Fabric and Material Descriptions
"Feels different than expected" is a return reason that better descriptions can eliminate. Customers cannot touch fabric online, so your words have to convey what the fabric feels like.
State the exact material composition: "95% organic cotton, 5% elastane, 200 GSM weight." GSM (grams per square meter) is a specific metric that experienced shoppers understand and appreciate. For context, a thin t-shirt is around 120 to 150 GSM, a standard tee is 160 to 200 GSM, and a heavyweight tee is 220 to 280 GSM.
Describe the hand feel in relatable terms: "This cotton has a soft, worn-in feel similar to a well-loved vintage tee" or "The polyester blend has a smooth, slightly slick texture" or "The linen will feel crisp when new and soften after 3 to 4 washes." These sensory descriptions help customers form accurate expectations about how the fabric will feel against their skin.

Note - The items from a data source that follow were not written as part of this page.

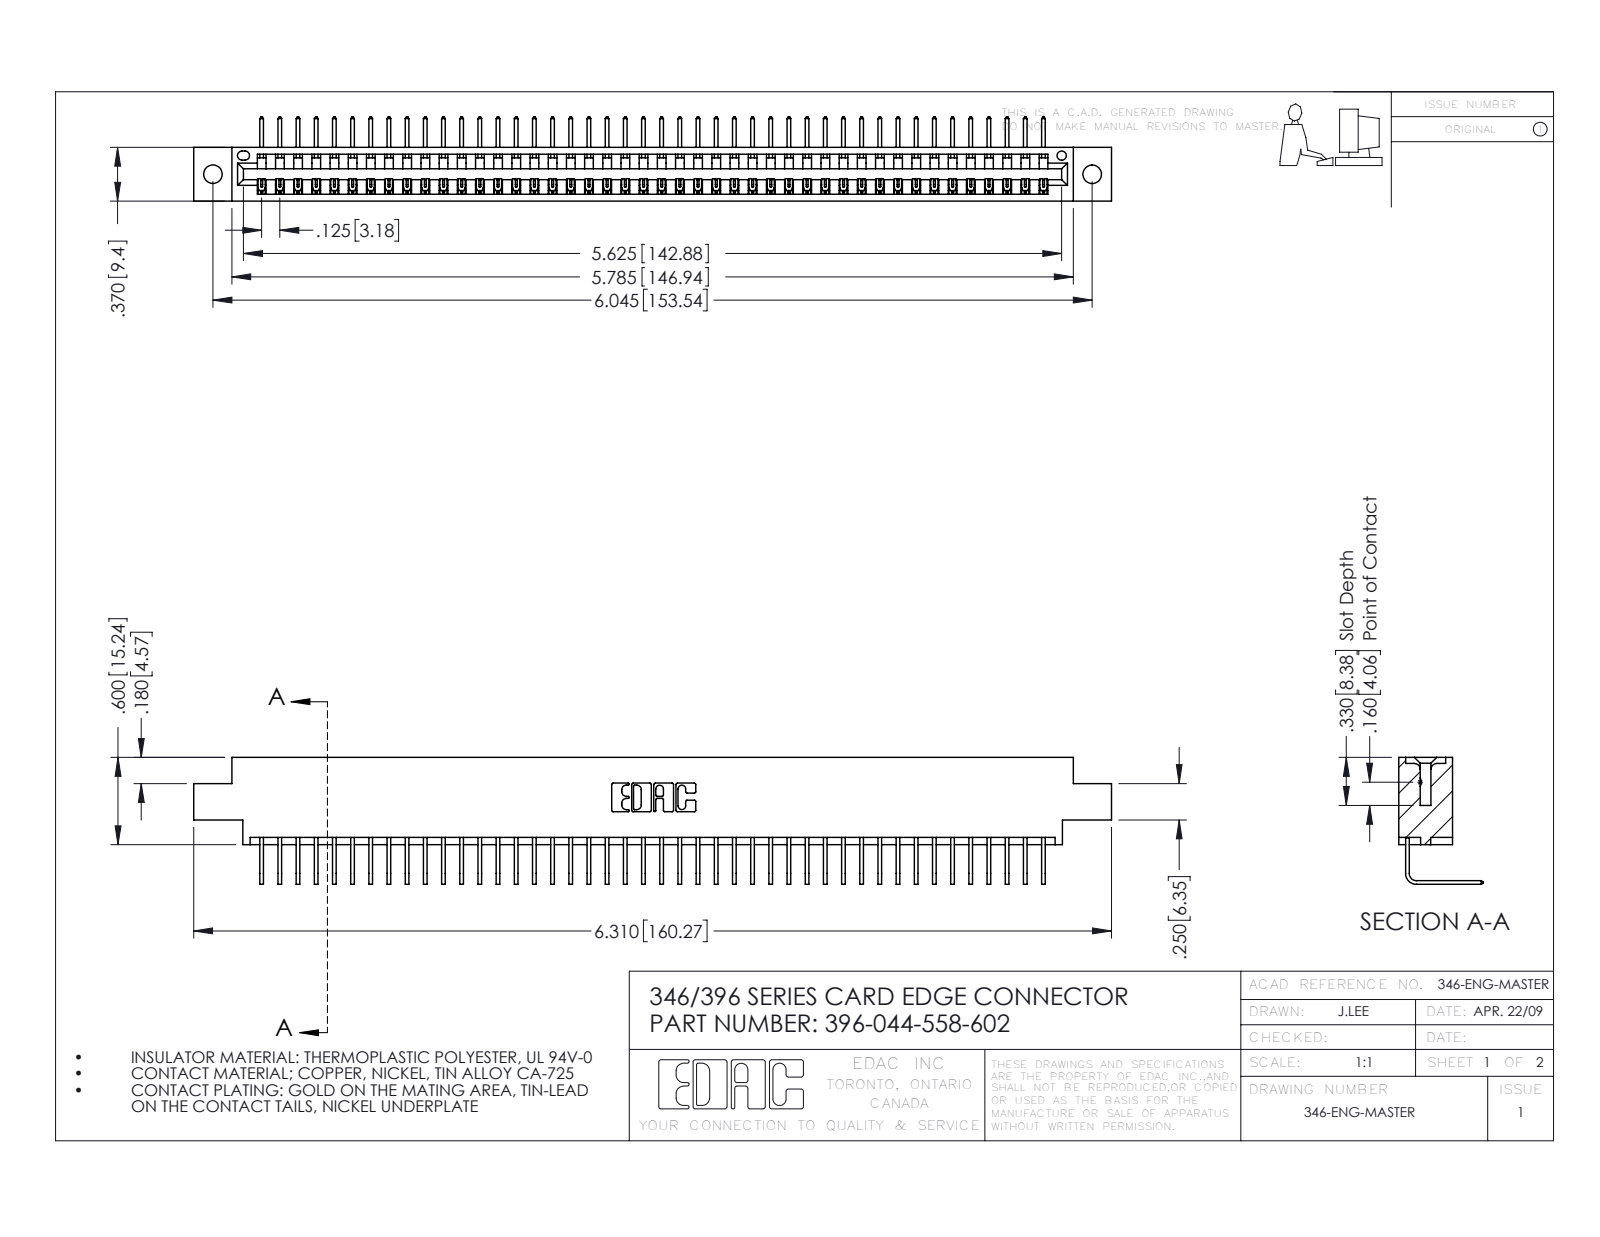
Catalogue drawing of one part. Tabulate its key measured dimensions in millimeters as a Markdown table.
| quantity | value |
| --- | --- |
| part name | 345-292-001_558 Tail - 2; 346 Part_0.170 Offset - 0.128 Dia; 396-044-558-602 |
| STEP written by | SolidWorks 2016 (CONFIG_CONTROL_DESIGN) |
| units | millimeters |
| bodies | 45 solids, 2766 faces (1928 planar, 838 cylindrical, 0 other) |
| overall size | 160.3 × 22.2 × 14.7 |
| volume | 15 300 mm³ |
| surface area | 19 920 mm² |
| round holes (diameter × count) | 3.3 × 2, 1.6 × 1 |
| partial cylindrical surfaces (radius × count) | 0.2 × 88, 0.3 × 22, 0.2 × 6, 0.8 × 6, 0.7 × 3, 0.8 × 2, 1 × 2, 0.4 × 1 |
| main face-to-face distances | 8.2, 1.2, 9.4, 6.4, 7.6, 0.6, 1.8, 3.8, 5.6, 2.5 |
| hole center spacings | 6.2, 148.2, 153.5 |
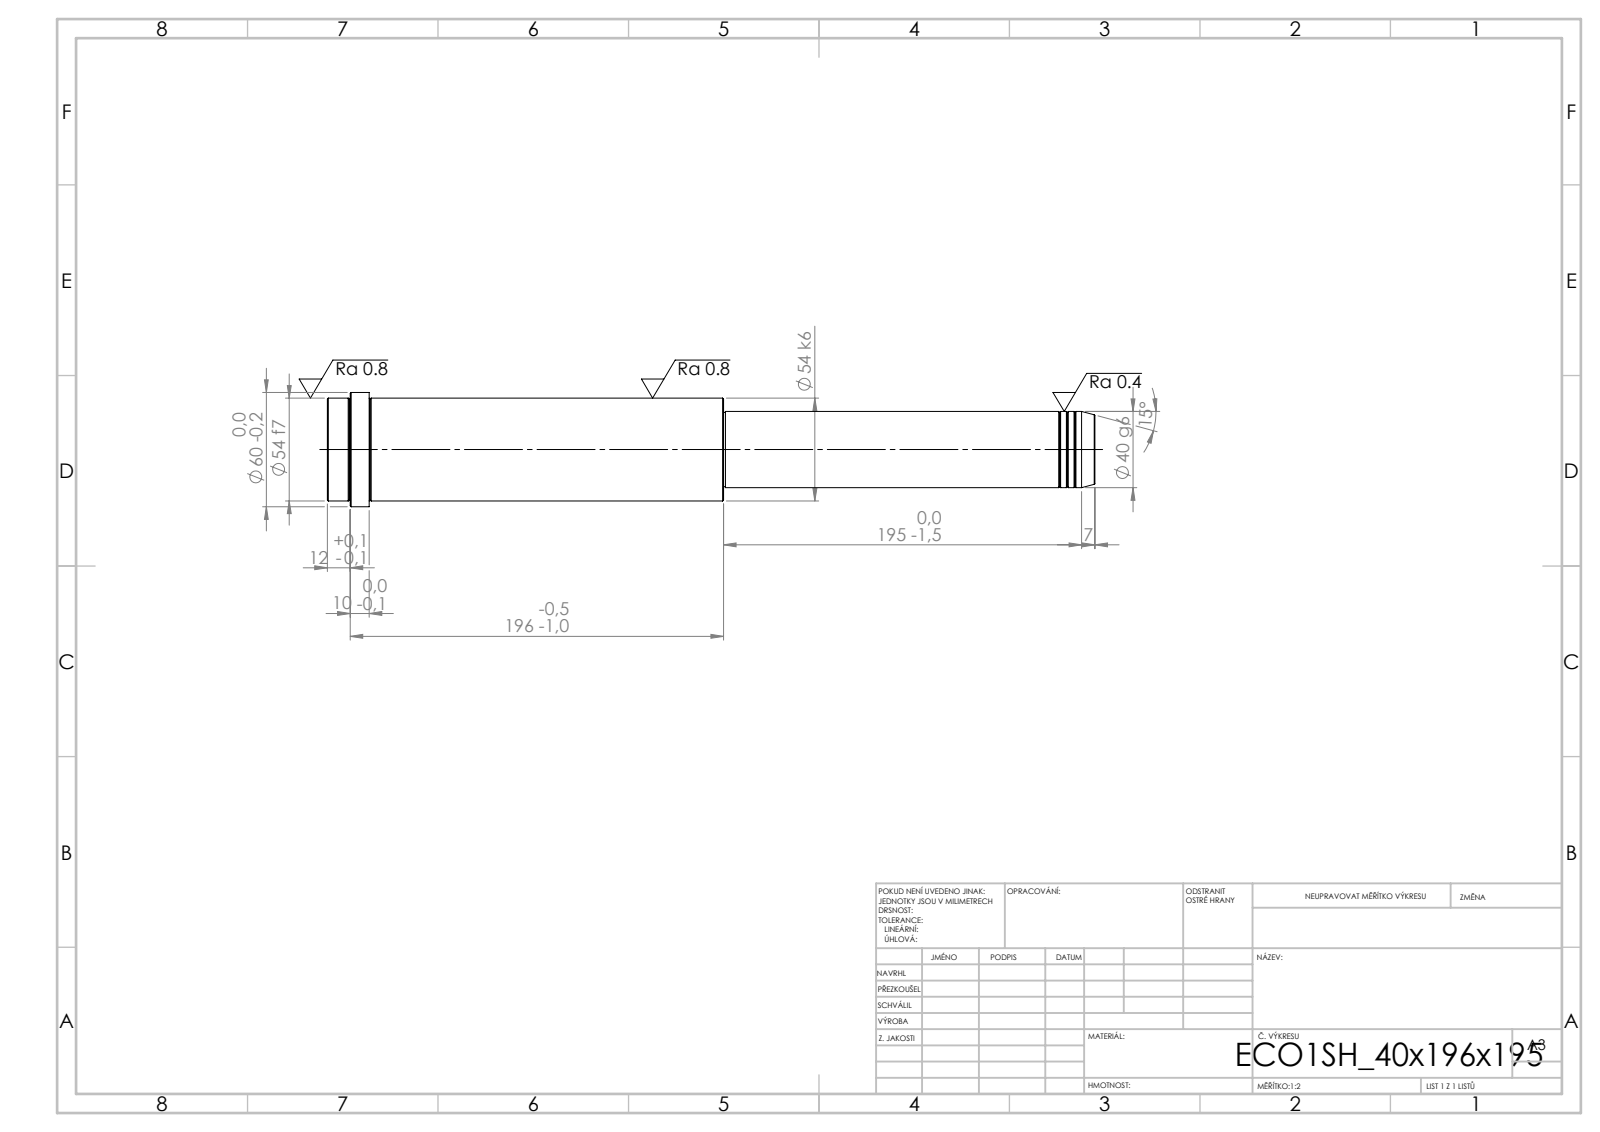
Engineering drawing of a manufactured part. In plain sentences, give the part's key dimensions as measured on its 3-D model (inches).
Its 3-D file was written by "SolidWorks 2019 (CONFIG_CONTROL_DESIGN)". It is 1 solid with 52 faces: 6 planar, 16 cylindrical and 30 other. Overall it measures 15.866 by 2.362 by 2.362 inches. Its volume is 44.28 cubic inches and its surface area 101.9 square inches. Round bosses or shafts: 1 of diameter 2.362, 1 of diameter 2.126, 1 of diameter 1.575, 1 of diameter 1.535. The main face-to-face distances are 8.189, 7.677, 15.866, 15, 7.323, 0.866, 15.394, 7.717, 0.394, 0.472.
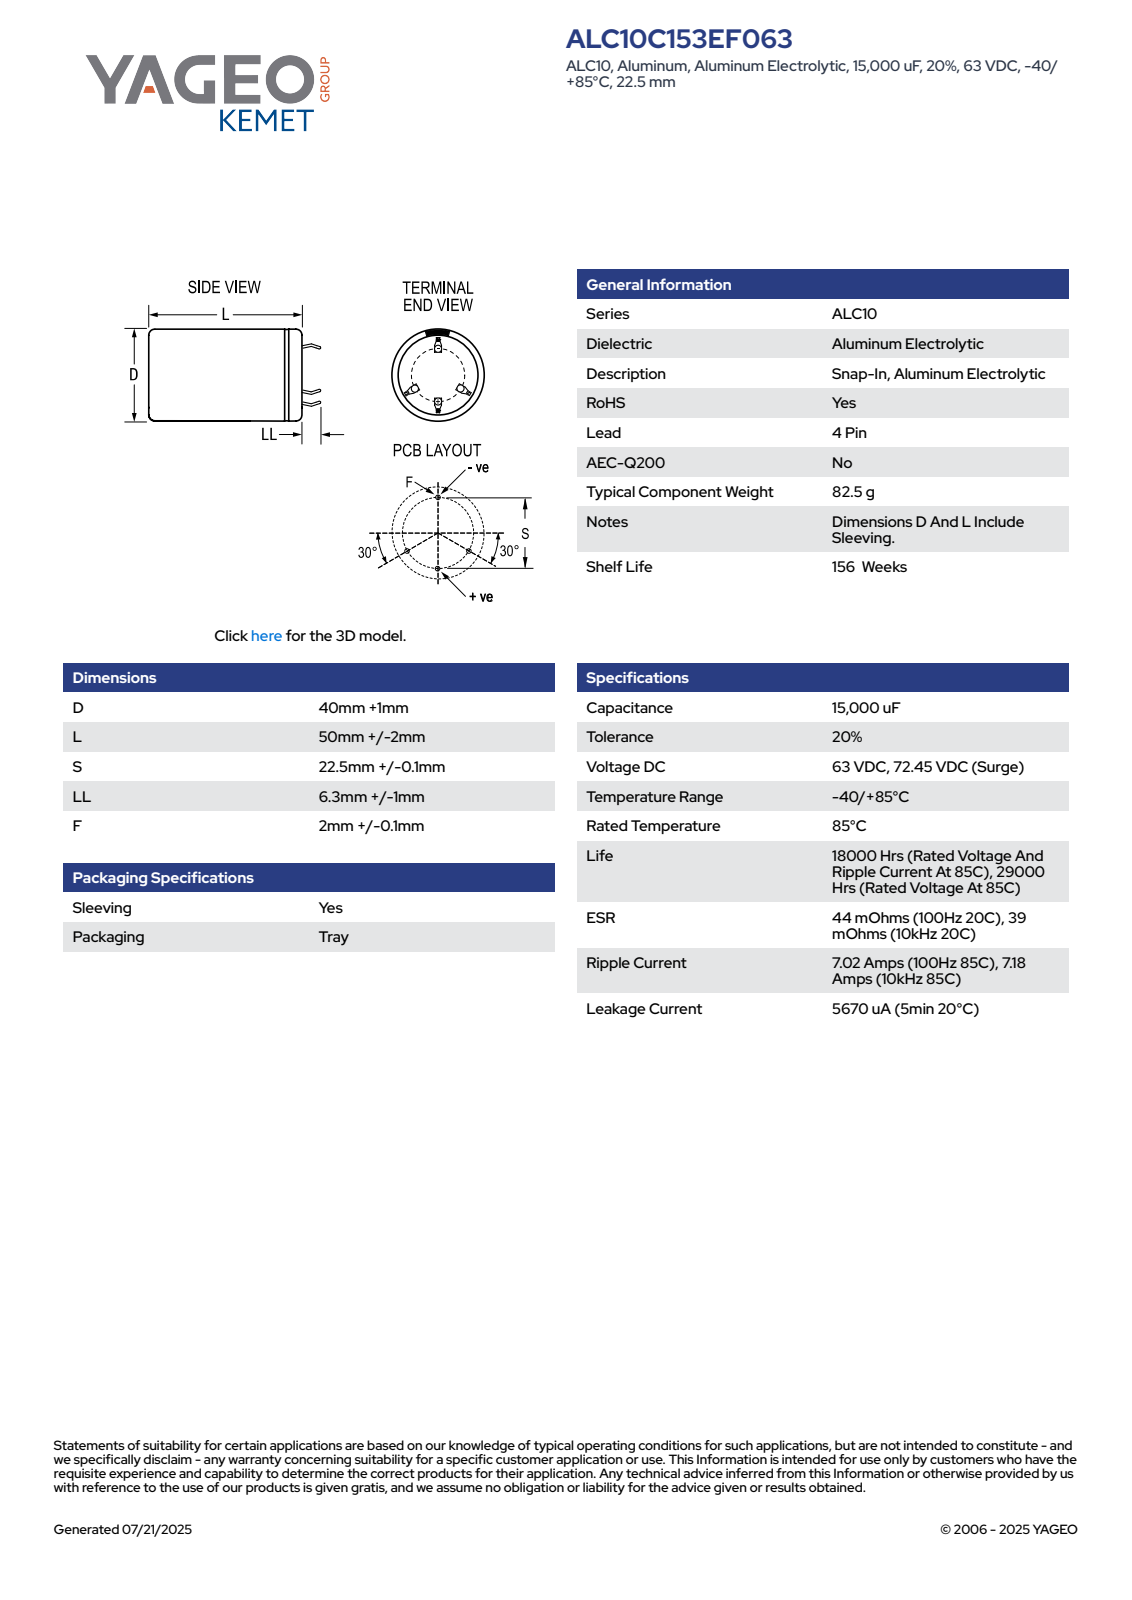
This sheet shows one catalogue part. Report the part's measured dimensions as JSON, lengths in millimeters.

Note any care requirements that might surprise customers. "Requires hand washing" or "dry clean only" or "will shrink approximately one size if machine dried" are dealbreakers for some customers and perfectly acceptable for others. Letting customers discover these after purchase, when they read the care label, leads to returns.
For stretch fabrics, describe the type and amount of stretch: "Four-way stretch, recovers to original shape after wearing" versus "two-way horizontal stretch, minimal vertical give." Customers who need mobility (athletes, parents of small children, anyone who sits at a desk all day) care deeply about stretch and will return garments that do not meet their expectation.